When the Saints opened the season against the Vikings, perhaps it was the official sign when each team stepped onto the field holding one finger in unison that an ugly negotiating period and potential lockout was looming as we near the end of the current collective-bargaining agreement in March.
Amongst the grumbles and muttered boos from the crowd, was an underlying consensus: Professional athletes always wanting more. That’s not to blame the fans, they loathe lockouts because, well, fans want football.
However, among the other things they loathe are preseason games.
Recognizing empty seats, poor ratings and their bottom line interests, it isn’t as if the owners aren’t pushing their own agenda as well.
One thing on their agenda: Stealing two preseason games and adding them to the regular season schedule, the first regular season expansion since 1978 when the NFL went from 14 to 16 games.
The players will capitalize too, owners say, from increased roster sizes and additional compensation. If the players and owners can’t agree on the compensation then a non-partisan arbitrator will step in.
"An 18-game regular season is not uncharted territory," NFL spokesman Greg Aiello wrote once. After all, the CFL and USFL played those schedules. NFL Commissioner Roger Goodell agrees.
But as the NFL continues to tweak “hit” rules in an attempt to curb overall violence, the question is unavoidable: In the midst of the league doing everything they can to make the game safer, does it make sense to add two more games of carnage?
"The players do not want that to happen," Pittsburgh Steelers quarterback and union representative Charlie Batch has said, "because that's extra games that are added on to your bodies."
Indeed, two more games equals around 240-260 more plays for every team. In other words, 240-260 more hits and would add another year to a current player’s eight-year career.
While latest precautions focus on concussions due to league’s long oversight of the issue, let’s also not forget about the unavoidable overall roughness. Even as the league tries to turn the sport, as Bear linebacker Brian Urlacher calls it, into “flag football,” anything short of hanging flags from their pants makes potentially deadly contact inevitable.
Not to mention, the NFL can’t do too much simply because, while the league may not be about violence like the MMA, it does quietly rely on what the fans enjoy about the game; hard-hitting and physicality that makes the sport unique. It has to. If every game was like the Pro Bowl, no one would tune in.
However, the studies are telling. The average life of America male: 75. The average life of an NFL player, depending on position: Between 53 and 59. In finer details, the average NFL player plays just 3.52 seasons and loses two to three years off his life expectancy for every season played.
No doubt the NFL quickens the aging process.
Even the players that leave the game without major head trauma often leave with their bodies ravished and spend their spare time rehabbing and visiting surgical centers instead of living quietly at home with their families.
A shoulder surgery here, a hip replacement there, it's the life of a former NFL player.

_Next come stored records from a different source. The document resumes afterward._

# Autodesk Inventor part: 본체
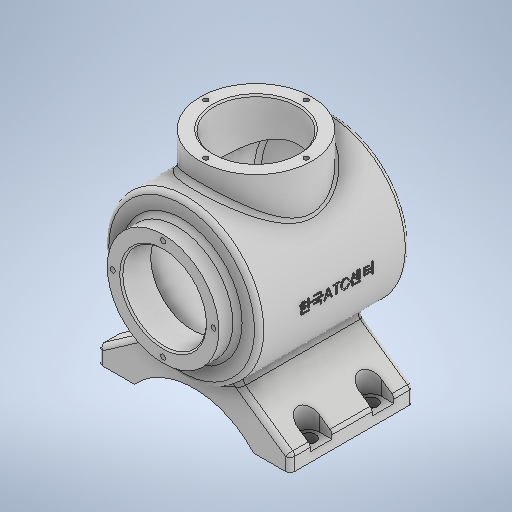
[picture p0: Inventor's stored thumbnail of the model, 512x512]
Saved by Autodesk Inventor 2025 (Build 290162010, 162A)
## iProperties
Created: 2024-07
Part Number: 본체
Material: 일반
Document SubType Name: Modeling
Designer: 계정
Density: 1 g/cm^3
Appearance: 기본값
Author: 계정
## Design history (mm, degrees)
sketch "스케치2"
  geometry: L1 (-0.621, -24.022)-(-62, -67); L2 (-62, -67)-(-62, -77); L3 (-62, -77)-(62, -77); L4 (62, -77)-(62, -67); L5 (62, -67)-(0.621, -24.022); L6 (0.621, -24.022)-(-0.621, -24.022); L7 (0, 38.547)-(0, -47.746); A1 r 52.096 centre (0, -112.096) between (38.5, -77) and (-38.5, -77); 3 further points
  constraints: 14 end point, 4 perpendicular, 3 point on circle, 3 point on line, 1 centre point, 1 midpoint, 1 vertical, 1 vertical alignment, 2 other
  dimensions: "d3" = 10 distance of L1.end L2.end; "d4" = 55 deg angle of L5 L4; "d5" = 77 distance from line of point (0, 0) L3; "d6" = 124 distance of L2.end L3.end; "d7" = 17 distance from line of L3 point (0, -60); "d8" = 77 distance of A1.start A1.end; "d104" = 10 distance of L3.end L4.end (derived)
extrude "돌출2" join sketch "스케치2" stored distance "d9" = 80; taper "d10" = 0 deg
sketch "스케치3"
  geometry: L1 (50, -48.336)-(-50, -48.336); L2 (-50, -48.336)-(-50, 48); L3 (-50, 48)-(50, 48); L4 (50, 48)-(50, -48.336); L5 (-0.621, 40)-(0.621, 40) reference; L6 (0.621, -40)-(0.621, 40) reference; L7 (-0.621, 40)-(0.621, 40) reference; L8 (-0.621, -40)-(-0.621, 40) reference; L9 (0.621, -40)-(-0.621, -40) reference; L10 (62, -40)-(62, 40) reference; L11 (-62, -40)-(-62, 40) reference; L12 (-67.633, 0)-(66.391, 0); L13 (0, -60)-(0, 119.018); A1 r 113 centre (0, 53) between (-50, -48.336) and (50, -48.336); 6 further points
  constraints: 12 end point, 3 midpoint, 3 point on circle, 2 horizontal, 2 parallel, 1 centre point, 1 perpendicular, 1 vertical
  dimensions: "d13" = 100 distance of L2.end L3.end; "d15" = 226 diameter of A1; "d16" = 108 distance from line of L3 L13.start; "d18" = 48 distance from line of point (-0.621, 0) L3; "d19" = 62 distance from line of L10 point (0, 48)
revolve "회전1" sketch "스케치3" stored, may be unused: angle "d20" = 90 deg
sketch "스케치4"
  geometry: C1 r 36 at (0, 0); 1 further point
  constraints: 1 centre point, 1 coincident
  dimensions: "d21" = 72 diameter of C1
extrude "돌출3" join sketch "스케치4" distance "d22" = 12; taper "d23" = 0 deg
sketch "스케치6"
  geometry: C1 r 36 at (0, 0); 1 further point
  constraints: 1 centre point, 1 coincident
  dimensions: "d34" = 72 diameter of C1
extrude "돌출4" join sketch "스케치6" distance "d35" = 65; taper "d36" = 0 deg
sketch "스케치5"
  geometry: L1 (0, 73.578)-(0, -117.524); L2 (36, 60)-(-36, 60) reference; L3 (0, 60)-(27, 60); L4 (27, 60)-(27, 41); L5 (27, 41)-(43, 41); L6 (43, 41)-(43, -43.887); A1 r 113 centre (0, 53) between (-50, -48.336) and (50, -48.336) reference; A2 r 106 centre (0, 53) between (0, -53) and (43, -43.887); 3 further points
  constraints: 10 end point, 3 perpendicular, 3 point on line, 2 point on circle, 1 centre point, 1 collinear, 1 horizontal, 1 midpoint, 1 vertical
  dimensions: "d24" = 19 distance of L3.end L4.end; "d25" = 86 diameter of L5.end L1; "d26" = 54 diameter of L3.end L1; "d27" = 7 radial gap between concentric circles of A1 A2
revolve "회전2" sketch "스케치5" stored, may be unused: angle "d28" = 360 deg
fillet "모깎기1" dims "d29" = 3
fillet "모깎기2" dims "d30" = 3
chamfer "모따기1" distance "d31" = 1; stored, may be unused: second distance "d32" = 2, angle "d33" = 45 deg
sketch "스케치7"
  geometry: C1 r 36 at (0, 0) reference; 2 further points
  constraints: 1 coincident
hole "구멍1" sketch "스케치7" at (0, 0) diameter "d37" = 54; stored, may be unused: countersink angle "d41" = 90 deg, drill point angle "d43" = 0 deg; dims "d38" = 8, "d39" = 4, "d40" = 2, "d42" = 45
chamfer "모따기2" distance "d44" = 1; stored, may be unused: second distance "d45" = 2, angle "d46" = 45 deg
fillet "모깎기3" dims "d47" = 3
fillet "모깎기4" dims "d48" = 3
fillet "모깎기5" dims "d49" = 3
fillet "모깎기6" dims "d50" = 3
fillet "모깎기7" dims "d51" = 3
node "작업 평면1"
sketch "스케치8"
  geometry: L1 (70, -20)-(54, -20); L2 (70, -13)-(54, -13); L3 (54, -27)-(70, -27); L4 (62, 37)-(62, -37) reference; L5 (38.5, -40)-(59, -40) reference; L6 (54, 13)-(70, 13); L7 (70, 27)-(54, 27); L8 (-70, -27)-(-54, -27); L9 (-54, -13)-(-70, -13); L10 (-70, 13)-(-54, 13); L11 (-54, 27)-(-70, 27); L12 (-62, -37)-(-62, 37) reference; L13 (-38.5, 40)-(-59, 40) reference; L14 (-59, -40)-(-38.5, -40) reference; L15 (59, 40)-(38.5, 40) reference; A1 r 7 centre (70, -20) between (70, -27) and (70, -13); A2 r 7 centre (54, -20) between (54, -13) and (54, -27); A3 r 7 centre (54, 20) between (54, 27) and (54, 13); A4 r 7 centre (70, 20) between (70, 13) and (70, 27); A5 r 7 centre (-70, -20) between (-70, -13) and (-70, -27); A6 r 7 centre (-54, -20) between (-54, -27) and (-54, -13); A7 r 7 centre (-70, 20) between (-70, 27) and (-70, 13); A8 r 7 centre (-54, 20) between (-54, 13) and (-54, 27); 8 further points
  constraints: 20 end point, 16 point on circle, 16 tangent, 8 centre point, 7 midpoint, 5 point on line, 4 parallel, 1 horizontal
  dimensions: "d53" = 8 distance from line of L4 L1.end; "d54" = 20 distance between parallel lines of L5 L1; "d55" = 14 distance of point (62, -13) point (62, -27); "d56" = 8 distance from line of L4 A3.centre; "d57" = 8 distance from line of L12 A6.centre; "d58" = 8 distance from line of L12 A8.centre; "d59" = 20 distance from line of A8.centre L13; "d60" = 20 distance from line of A6.centre L14; "d61" = 14 distance between parallel lines of L9 L8; "d62" = 14 distance between parallel lines of L11 L10; "d63" = 20 distance from line of A4.centre L15; "d64" = 14 distance between parallel lines of L6 L7; "d65" = 108 distance of A6.centre L1.end (derived); "d66" = 40 distance of A3.centre L1.end; "d67" = 40 distance of A7.centre A5.centre
extrude "돌출5" cut sketch "스케치8" distance "d68" = 20; taper "d69" = 0 deg
sketch "스케치9"
  geometry: A1 r 7 centre (-54, 20) between (-54, 13) and (-54, 27) reference; A2 r 7 centre (-54, -20) between (-54, -27) and (-54, -13) reference; A3 r 7 centre (54, -20) between (54, -13) and (54, -27) reference; A4 r 7 centre (54, 20) between (54, 27) and (54, 13) reference; 5 further points
  constraints: 4 coincident
hole "구멍2" sketch "스케치9" at (-54, 20), (-54, -20), (54, 20), (54, -20) diameter "d70" = 9; stored, may be unused: countersink angle "d74" = 90 deg, drill point angle "d76" = 0 deg; dims "d71" = 6, "d72" = 4, "d73" = 2, "d75" = 45
fillet "모깎기8" dims "d77" = 3
sketch "스케치10"
  geometry: 2 further points
  constraints: 1 horizontal alignment
  dimensions: "d85" = 32.5 distance of point (-32.5, 0) point (0, 0)
hole "구멍3" sketch "스케치10" at (-32.5, 0) diameter "d78" = 3.242; stored, may be unused: countersink angle "d82" = 90 deg, drill point angle "d84" = 120 deg; dims "d79" = 8, "d80" = 4, "d81" = 2, "d83" = 10
sketch "스케치11"
  geometry: 2 further points
  constraints: 1 vertical alignment
  dimensions: "d96" = 32.5 distance of point (0, 32.5) point (0, 0)
hole "구멍4" sketch "스케치11" at (0, 32.5) diameter "d89" = 3.242; stored, may be unused: countersink angle "d93" = 90 deg, drill point angle "d95" = 120 deg; dims "d90" = 8, "d91" = 4, "d92" = 2, "d94" = 10
node "작업 평면2"
sketch "스케치12"
  geometry: L1 (36, 60)-(-36, 60) reference; 3 further points
  constraints: 2 vertical alignment, 1 midpoint, 1 other
  dimensions: "d101" = 62 distance from line of L1 point (0, -2)
feature "엠보싱1" sketch "스케치12" dims "d3" = 10, "d4" = 55 deg, "d5" = 77, "d6" = 124, "d7" = 17, "d8" = 77, "d102" = 0.5, "d103" = 0, "d104" = 10 (derived)
node "솔리드1"
pattern_circular "원형 패턴1" dims angle "d87" = 360 deg
pattern_circular "원형 패턴2" dims angle "d98" = 360 deg
node "투영된 루프1"
feature "A9D066F2-1C7D-4E18-AEED-F7BC21143FA4" dims "d37" = 54, "d38" = 8, "d39" = 4, "d40" = 2, "d41" = 90 deg, "d42" = 45, "d43" = 0
other parameters: "d52" = -71, "d100" = 174

All you have to do is ask:
-When former Bears running back Gale Sayers finally received an artificial knee at age 65, his orthopedic surgeon couldn’t believe what he saw. Under three long scars from numerous previous surgeries and a missing ligament was a knee with no remaining cartilage, merely dust and bone fragments remained. That knee was “utterly shot,” he said. Not to mention the other one was in bad shape.
-Even modern advancements in medicine couldn’t save former tight end Wesley Walls from a hip replacement. He can’t get out of bed, put on his socks, tie his shoes or put on his pants without his wife’s help. He now rehabs in the company of geriatrics.
-Former quarterback Bernie Kosar walks uneven from a broken ankle he suffered in a game in 1992. He also needs a hip replacement and dons a long scar on his back from when he had two disks fused together to help a broken back. He broke all of his fingers at least once and both his wrists too.
Not to mention there are countless others.
It’s a hard fact to realize that the game we love can be so unhealthy. We have selected vision making it easy to perpetuate the belief that football isn’t as rough a game as it seems or that tolerating pain is part of “being a man.”
In an early season of the television drama “Friday Night Lights,” a first-time starting quarterback pulls up his shirt after his first game to display his scrapes and bruises to a mirror and smiles. He admires his battle scars, like a badge of honor.
Too bad for NFL veterans those scars are real and many times not nearly as transparent.
"Sixteen games are enough," Baltimore Ravens linebacker Ray Lewis said last August. "I mean, you're talking to someone who has been in this business for 15 years. We're not automobiles. We're not machines. We're humans."
Sometimes that’s easy to forget. Keep in mind fans enjoy the game, not the punishment it induces. Trust me, as a fan, it’s not easy agreeing with the players’ fraternity.